The average cost of adding a teen to a guardian’s policy is $621, which pales in comparison to the average annual rate of $2,267 (with complete liability coverage) for a separate policy. That’s a 365% hike. Depending on where they live, parents can expect their premiums to be more than double what they were paying before. So what can be done to alleviate the cost burden?
The first tip is to shop around. In fact, everyone looking for insurance should do so because it is remarkable how much coverage costs can yoyo between different companies. The next step is to be aware that the type of car you buy for your child will play a big part in determining premiums.
An electric car or sports car will, for instance, attract sky-high rates. Electric cars are very expensive to repair, with the battery replacement costing thousands of dollars.

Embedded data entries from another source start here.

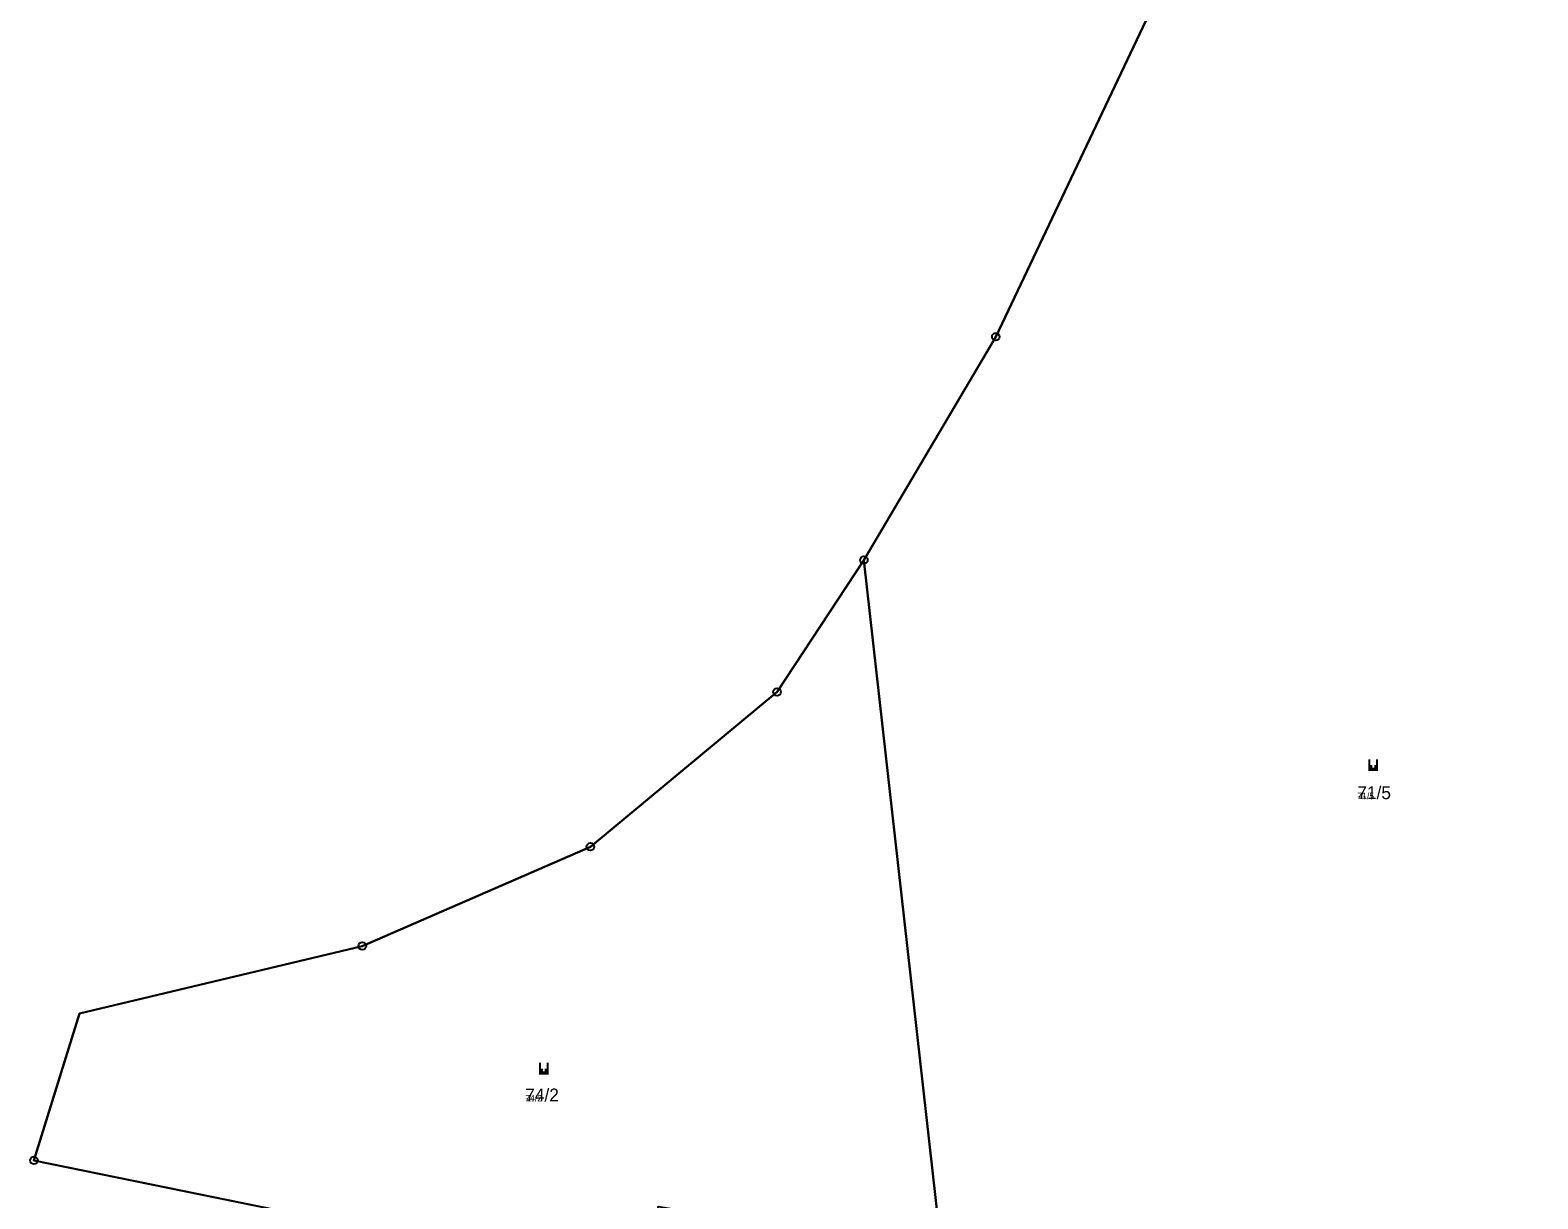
# Model space of a CAD drawing. Extents: x -759873 to -758487, y -975024 to -973516.
# Drawn here: x -759872.5 to -759674.3, y -974042.3 to -973888.7 of the extents above; entities that cross this region are included whole.
import ezdxf

# ---------------------------------------------------------------- set-up
doc = ezdxf.new("R2010")
doc.units = 0
for name, color, linetype in [('KAT_01_hranice KU', 7, 'Continuous'), ('KAT_02_hranice parcel', 7, 'Continuous'), ('KAT_03_1000_čísla parcelní', 7, 'Continuous'), ('KAT_03_250_čísla parcelní', 7, 'Continuous'), ('KAT_03_500_čísla parcelní', 7, 'Continuous'), ('KAT_05_1000_značky kultur', 7, 'Continuous'), ('KAT_05_250_značky kultur', 7, 'Continuous'), ('KAT_05_500_značky kultur', 7, 'Continuous'), ('KAT_11_značky bodu BP', 7, 'Continuous'), ('KAT_14_plocha_pozemek', 7, 'Continuous')]:
    doc.layers.add(name, color=color, linetype=linetype)

msp = doc.modelspace()

# ---------------------------------------------------------------- linework, layer by layer
at = {"layer": 'KAT_01_hranice KU'}
msp.add_lwpolyline([(-759409.89, -973735.02), (-759469.84, -973753.89), (-759524.16, -973754.8), (-759548.45, -973765.63), (-759553.38, -973767.83), (-759560.5, -973771), (-759594, -973804.35), (-759642.86, -973817.27), (-759646.4, -973820.05), (-759673.37, -973834.52), (-759675.2, -973835.5), (-759686.95, -973842.38), (-759689.8, -973844.05), (-759704.1, -973854.15), (-759721.15, -973878.47), (-759722.5, -973880.4), (-759745.55, -973929), (-759762.9, -973958.35), (-759774.3, -973975.7), (-759798.85, -973996.05), (-759828.85, -974009.1), (-759866.03, -974017.98), (-759872.01, -974037.29), (-759792.52, -974053.5)], dxfattribs=at)
at = {"layer": 'KAT_02_hranice parcel'}
for p, q in [((-759774.3, -973975.7), (-759762.9, -973958.35)), ((-759762.9, -973958.35), (-759752.64, -974049.58)), ((-759872.01, -974037.29), (-759866.03, -974017.98)), ((-759792.52, -974053.5), (-759872.01, -974037.29))]:
    msp.add_line(p, q, dxfattribs=at)
for points in [[(-759762.9, -973958.35), (-759745.55, -973929), (-759722.5, -973880.4)], [(-759866.03, -974017.98), (-759828.85, -974009.1), (-759798.85, -973996.05), (-759774.3, -973975.7)]]:
    msp.add_lwpolyline(points, dxfattribs=at)
at = {"layer": 'KAT_05_1000_značky kultur'}
for p, q in [((-759696.4, -973986.06), (-759696.4, -973984.56)), ((-759695.4, -973986.06), (-759695.4, -973984.56)), ((-759805.45, -974025.98), (-759805.45, -974024.48)), ((-759804.45, -974025.98), (-759804.45, -974024.48))]:
    msp.add_line(p, q, dxfattribs=at)
at = {"layer": 'KAT_05_250_značky kultur'}
for p, q in [((-759696.02, -973986.06), (-759696.02, -973985.69)), ((-759695.77, -973986.06), (-759695.77, -973985.69)), ((-759805.07, -974025.98), (-759805.07, -974025.6)), ((-759804.82, -974025.98), (-759804.82, -974025.6))]:
    msp.add_line(p, q, dxfattribs=at)
at = {"layer": 'KAT_05_500_značky kultur'}
for p, q in [((-759696.15, -973986.06), (-759696.15, -973985.31)), ((-759695.65, -973986.06), (-759695.65, -973985.31)), ((-759805.2, -974025.98), (-759805.2, -974025.23)), ((-759804.7, -974025.98), (-759804.7, -974025.23))]:
    msp.add_line(p, q, dxfattribs=at)
at = {"layer": 'KAT_11_značky bodu BP'}
for centre, radius in [((-759745.55, -973929), 0.5), ((-759745.55, -973929), 0.0303), ((-759762.9, -973958.35), 0.5), ((-759762.9, -973958.35), 0.0303), ((-759774.3, -973975.7), 0.5), ((-759774.3, -973975.7), 0.0303), ((-759798.85, -973996.05), 0.5), ((-759798.85, -973996.05), 0.0303), ((-759828.85, -974009.1), 0.5), ((-759828.85, -974009.1), 0.0303), ((-759872.01, -974037.29), 0.5), ((-759872.01, -974037.29), 0.0303)]:
    msp.add_circle(centre, radius, dxfattribs=at)
at = {"layer": 'KAT_14_plocha_pozemek'}
msp.add_lwpolyline([(-759595.2, -974059.1), (-759593.11, -974016.5), (-759601.09, -974012.98), (-759614.83, -974009.59), (-759625.66, -973989.4), (-759648.01, -973964.72), (-759665.96, -973928.2), (-759670.51, -973914.46), (-759671.07, -973906.7), (-759666.51, -973891.74), (-759658.11, -973874), (-759660.11, -973862.2), (-759673.37, -973834.52), (-759675.2, -973835.5), (-759686.95, -973842.38), (-759689.8, -973844.05), (-759704.1, -973854.15), (-759721.15, -973878.47), (-759722.5, -973880.4), (-759745.55, -973929), (-759762.9, -973958.35), (-759752.64, -974049.58)], dxfattribs=at)
msp.add_lwpolyline([(-759792.52, -974053.5), (-759789.91, -974043.34), (-759752.64, -974049.58), (-759762.9, -973958.35), (-759774.3, -973975.7), (-759798.85, -973996.05), (-759828.85, -974009.1), (-759866.03, -974017.98), (-759872.01, -974037.29)], close=True, dxfattribs=at)

# ---------------------------------------------------------------- texts
at = {"layer": 'KAT_03_1000_čísla parcelní'}
for s, p in [('71/5', (-759698.02, -973989.79)), ('74/2', (-759807.42, -974029.54))]:
    msp.add_text(s, height=1.7, dxfattribs=at).set_placement(p)
at = {"layer": 'KAT_03_250_čísla parcelní'}
for s, p in [('71/5', (-759698.02, -973989.79)), ('74/2', (-759807.42, -974029.54))]:
    msp.add_text(s, height=0.425, dxfattribs=at).set_placement(p)
at = {"layer": 'KAT_03_500_čísla parcelní'}
for s, p in [('71/5', (-759698.02, -973989.79)), ('74/2', (-759807.42, -974029.54))]:
    msp.add_text(s, height=0.85, dxfattribs=at).set_placement(p)

doc.saveas('drawing.dxf')
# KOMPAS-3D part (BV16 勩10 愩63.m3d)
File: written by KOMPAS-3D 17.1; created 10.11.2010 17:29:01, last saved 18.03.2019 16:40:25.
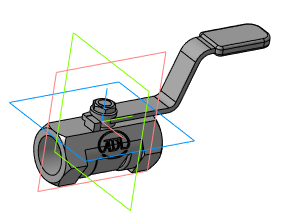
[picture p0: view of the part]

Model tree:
1. Плоскость XY
2. Плоскость ZX
3. Плоскость ZY
4. Ось X
5. Ось Y
6. Ось Z
7. Начало координат
8. Операция без истории:1

Referenced files in \\adlc.lan\data\АДЛ_ПКД\3D-модели\ADL production\Краны шаровые серии BV\BV16\KOMPAS 3D\: шаровый кран BV16 Ду15.a3d
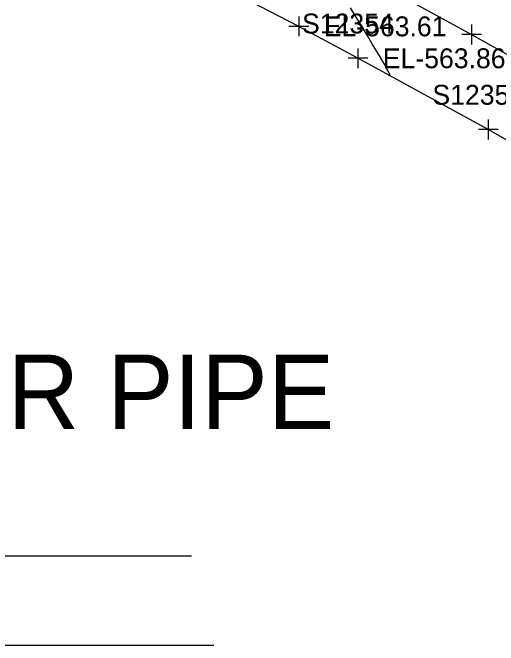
# Model space of a CAD drawing. Extents: x 1729869 to 1735532, y 648588 to 653771.
# Drawn here: x 1730581.4 to 1730679.1, y 652329.3 to 652456.6 of the extents above; entities that cross this region are included whole.
import ezdxf

# ---------------------------------------------------------------- set-up
doc = ezdxf.new("R2010")
doc.units = 0
for name, color, linetype in [('SURVEY - CONTOURS - Intermediate with optional Text', 7, 'Continuous'), ('SURVEY - DRAINAGE - Area Shapes Text', 7, 'Continuous'), ('SURVEY - TRANSPORTATION - Roads', 7, 'Continuous'), ('SURVEY - TRANSPORTATION - Roads - Points - Elevations', 7, 'Continuous'), ('SURVEY - TRANSPORTATION - Roads - Points - Locators', 7, 'Continuous'), ('SURVEY - TRANSPORTATION - Roads - Points - Numbers', 7, 'Continuous')]:
    doc.layers.add(name, color=color, linetype=linetype)

msp = doc.modelspace()

# ---------------------------------------------------------------- linework, layer by layer
at = {"layer": 'SURVEY - CONTOURS - Intermediate with optional Text'}
msp.add_lwpolyline([(1730657.07, 652444.04), (1730657.15, 652444), (1730657.19, 652443.98), (1730657.22, 652443.97), (1730657.25, 652443.96), (1730657.28, 652443.96), (1730657.32, 652444.01), (1730657.3, 652444.13), (1730657.22, 652444.32), (1730657.11, 652444.57), (1730656.96, 652444.87), (1730656.78, 652445.2), (1730656.5, 652445.7), (1730656.2, 652446.24), (1730655.88, 652446.79), (1730655.2, 652447.96), (1730654.5, 652449.14), (1730653.76, 652450.39), (1730652.71, 652452.13), (1730649.39, 652457.63)], dxfattribs=at)
at = {"layer": 'SURVEY - DRAINAGE - Area Shapes Text'}
for p, q in [((1730467.1, 652347.33), (1730617.4, 652347.33)), ((1730485.95, 652329.33), (1730621.9, 652329.33))]:
    msp.add_line(p, q, dxfattribs=at)
at = {"layer": 'SURVEY - TRANSPORTATION - Roads'}
for points in [[(1730649.22, 652465.7), (1730673.76, 652452.23), (1730705.2, 652434.69), (1730734.58, 652417.59), (1730758.51, 652403.05), (1730784.01, 652387.26), (1730797.56, 652378.75), (1730819.41, 652364.67), (1730822.77, 652362.5)], [(1730842.71, 652331.09), (1730807.69, 652354.26), (1730790.84, 652365.03), (1730779.05, 652372.57), (1730768.87, 652378.93), (1730733.06, 652400.86), (1730706.47, 652416.41), (1730677.11, 652433.11), (1730650.89, 652447.45), (1730639.01, 652453.88), (1730623.05, 652462.2)]]:
    msp.add_lwpolyline(points, dxfattribs=at)
at = {"layer": 'SURVEY - TRANSPORTATION - Roads - Points - Locators'}
for p, q in [((1730639.01, 652455.88), (1730639.01, 652451.88)), ((1730641.01, 652453.88), (1730637.01, 652453.88)), ((1730673.76, 652454.23), (1730673.76, 652450.23)), ((1730675.76, 652452.23), (1730671.76, 652452.23)), ((1730650.89, 652449.45), (1730650.89, 652445.45)), ((1730652.89, 652447.45), (1730648.89, 652447.45)), ((1730677.11, 652435.11), (1730677.11, 652431.11)), ((1730679.11, 652433.11), (1730675.11, 652433.11))]:
    msp.add_line(p, q, dxfattribs=at)

# ---------------------------------------------------------------- texts
at = {"layer": 'SURVEY - DRAINAGE - Area Shapes Text'}
msp.add_text('DRAINAGE DATA FOR PIPE', height=15, dxfattribs=at).set_placement((1730383.1, 652372.83))
at = {"layer": 'SURVEY - TRANSPORTATION - Roads - Points - Elevations'}
for s, p in [('EL-563.61', (1730644.01, 652451.88)), ('EL-563.86', (1730655.89, 652445.45))]:
    msp.add_text(s, height=4, dxfattribs=at).set_placement(p)
at = {"layer": 'SURVEY - TRANSPORTATION - Roads - Points - Numbers'}
for s, p in [('S12354', (1730639.65, 652452.45)), ('S12353', (1730665.87, 652438.11))]:
    msp.add_text(s, height=4, dxfattribs=at).set_placement(p)

doc.saveas('drawing.dxf')

On the other hand, a sports car is a calling card for risky behavior. Avoid luxury cars, cars popular with thieves and garage queens.
Of course, they could drive your car. After all, your teen won’t need their own car insurance until a vehicle is registered under their name. There are nuances to this, so for more on the question does a permit driver need insurance, you can visit the resource linked.
The final saving tip is that you ought to take advantage of all possible discounts – good student discounts, away from home discounts, safe driving, car monitoring, and multi-car discounts.
Conclusion
The good news is that premiums will decrease when your teen makes it to age 25 but also keep in mind that the sooner they start driving, the better. The longer someone’s driving record is, the better an insurer can gauge their risk profile. That means they will be considered less risky and will cost less to insure. However, the big takeaway here is that they need to be safe drivers.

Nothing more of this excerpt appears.